(Dataset entries begins)

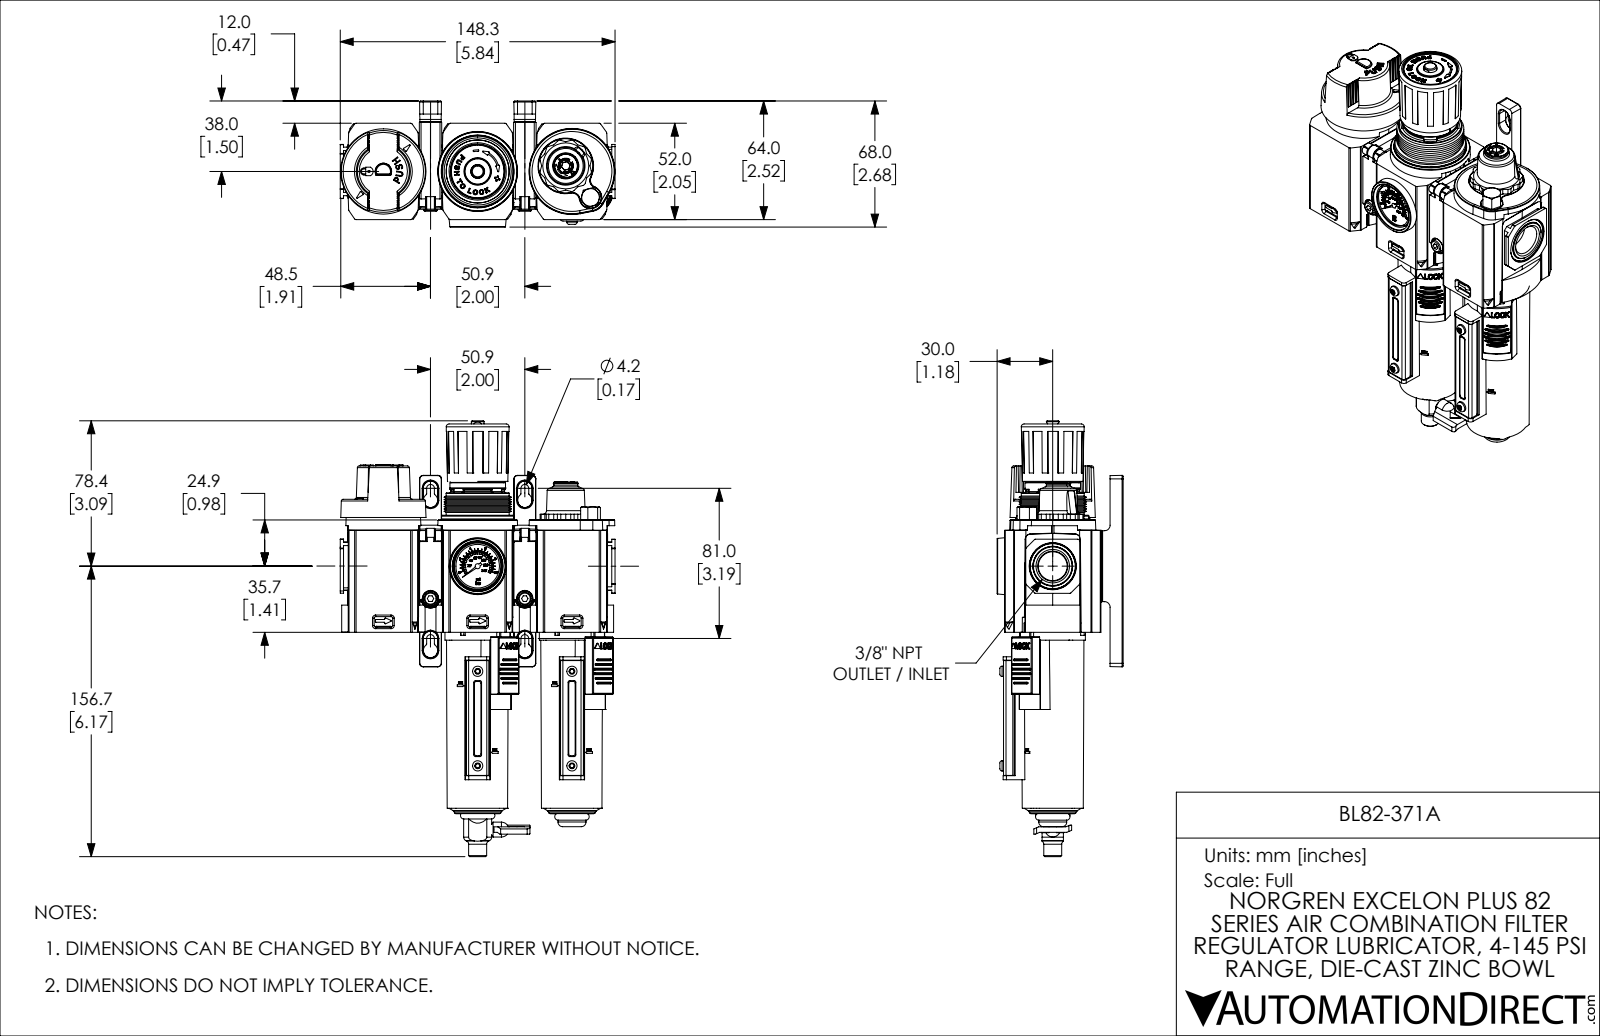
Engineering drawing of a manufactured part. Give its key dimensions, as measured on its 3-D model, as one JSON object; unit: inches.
{"part_name": "BL82-371A", "step_written_by": "SolidWorks 2021 (CONFIG_CONTROL_DESIGN)", "units": "inches", "bodies": {"solids": 20, "faces": 5440, "planar": 2310, "cylindrical": 2179, "other": 951}, "overall_size": [9.257, 5.839, 2.676], "volume_in3": 37.57, "surface_area_in2": 330.2, "round_holes": [[0.097, 4], [0.306, 4], [0.039, 2], [0.128, 2], [0.138, 2], [0.175, 2], [0.187, 2], [0.628, 2], [0.106, 1], [0.128, 1], [0.197, 1], [0.199, 1]], "round_bosses_or_shafts": [[0.276, 4], [0.217, 4], [1.388, 2], [1.356, 2], [1.291, 2], [1.257, 2], [0.906, 2], [0.626, 2]], "partial_cylinders_radius": [[0.039, 152], [0.02, 148], [0.01, 27], [0.006, 26], [0.009, 25], [0.011, 25], [0.012, 25], [0.03, 25]], "face_to_face_distances": [0.059, 2.004, 1.988, 2.002, 2.047, 1.929, 4.004, 1.352, 0.182, 0.152], "hole_center_spacings": [0.63, 2.004, 0.554, 1.58, 0.59, 0.689, 1.002, 1.091]}
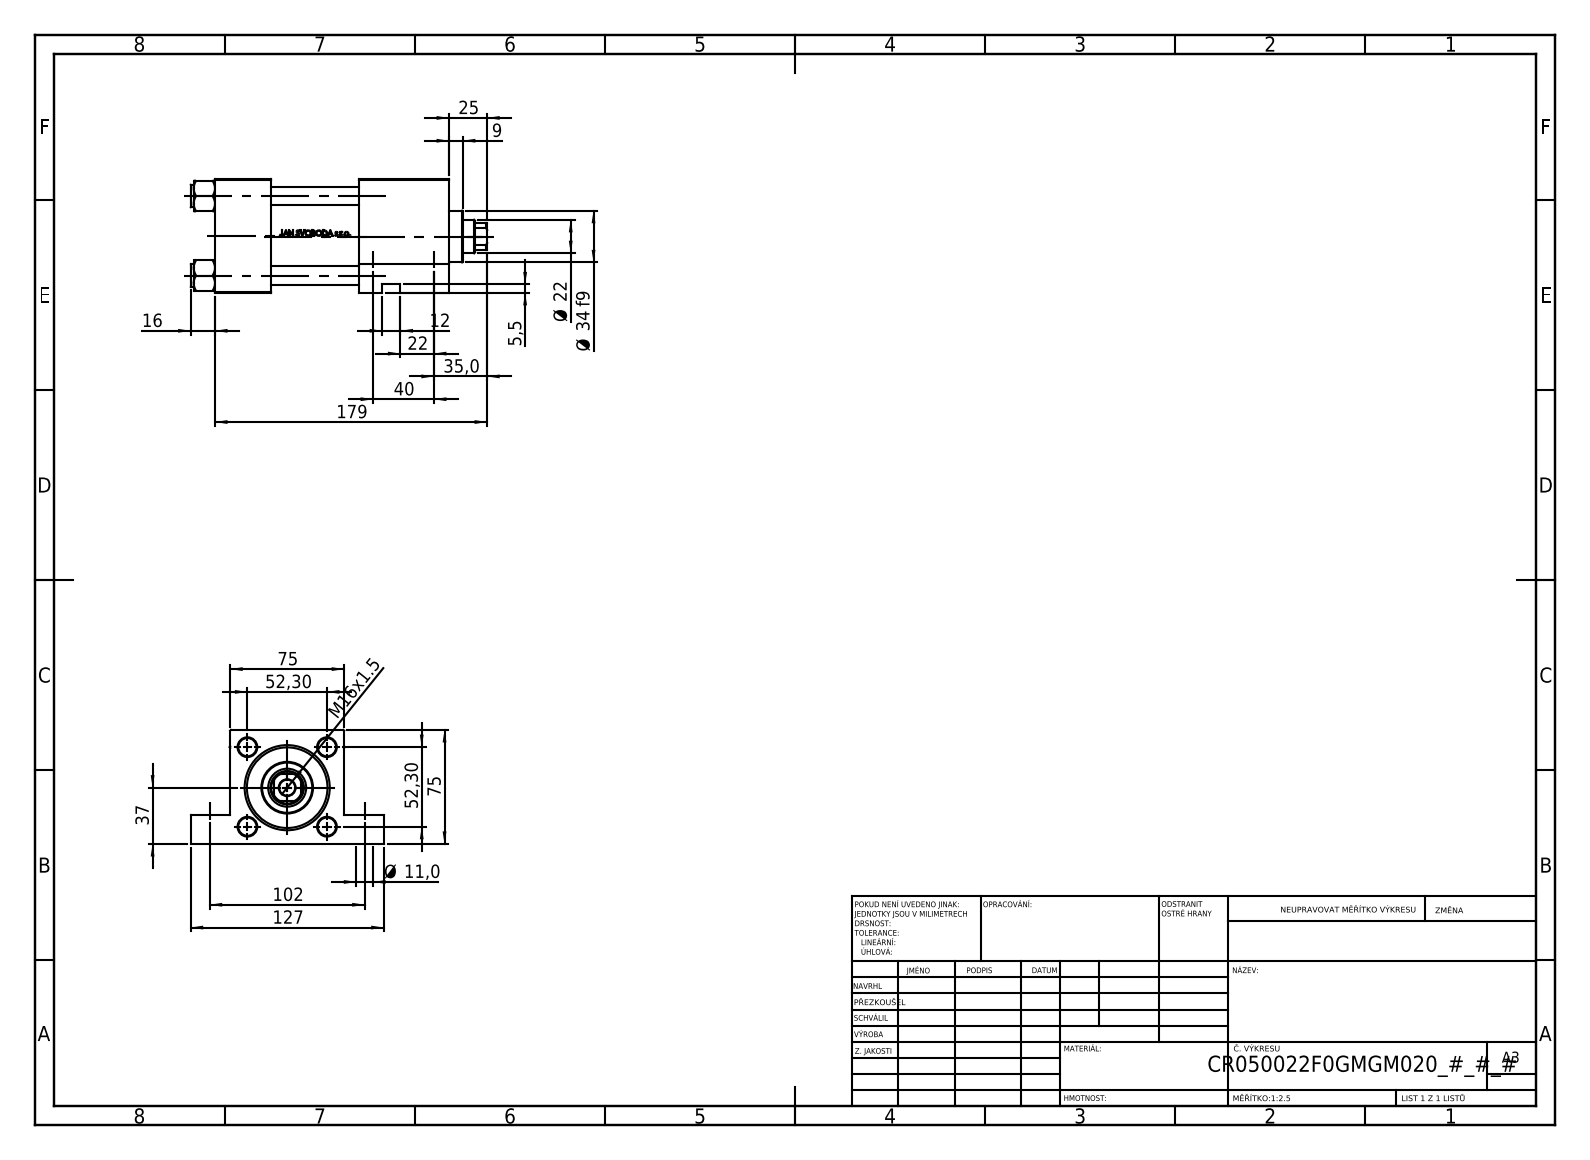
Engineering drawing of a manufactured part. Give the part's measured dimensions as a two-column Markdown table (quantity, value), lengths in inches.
| quantity | value |
| --- | --- |
| part name | V215CR_VCP_F; V215_VC_A; V215CR_F_Body; V215CR_F_TYCINKA (+1 more) |
| STEP written by | SolidWorks 2019 (CONFIG_CONTROL_DESIGN) |
| units | inches |
| bodies | 11 solids, 1103 faces (437 planar, 126 cylindrical, 540 other) |
| overall size | 7.677 × 5 × 2.953 |
| volume | 43.13 in³ |
| surface area | 242.3 in² |
| round holes (diameter × count) | 0.472 × 4, 0.276 × 2, 0.433 × 2, 0.433 × 2, 1.181 × 2, 0.413 × 1, 0.669 × 1, 0.825 × 1, 0.866 × 1, 0.984 × 1, 1.614 × 1, 1.969 × 1 |
| round bosses / shafts (diameter × count) | 0.591 × 4, 2.205 × 1, 1.339 × 1 |
| partial cylindrical surfaces (radius × count) | 0.413 × 1 |
| main face-to-face distances | 2.953, 1.457, 4.606, 6.063, 3.74, 2.283, 2.323, 4.933, 3.476, 1.193 |
| hole center spacings | 2.059, 1.442, 1.47, 1.575, 2.912, 4.016, 4.313, 3.681 |

(Dataset entries ends)

The task
Report each line of the material above where the word "drawing" appears.

Result of this exercise
Engineering drawing of a manufactured part. Give its key dimensions, as measured on its 3-D model, as one JSON object; unit: inches.
Engineering drawing of a manufactured part. Give the part's measured dimensions as a two-column Markdown table (quantity, value), lengths in inches.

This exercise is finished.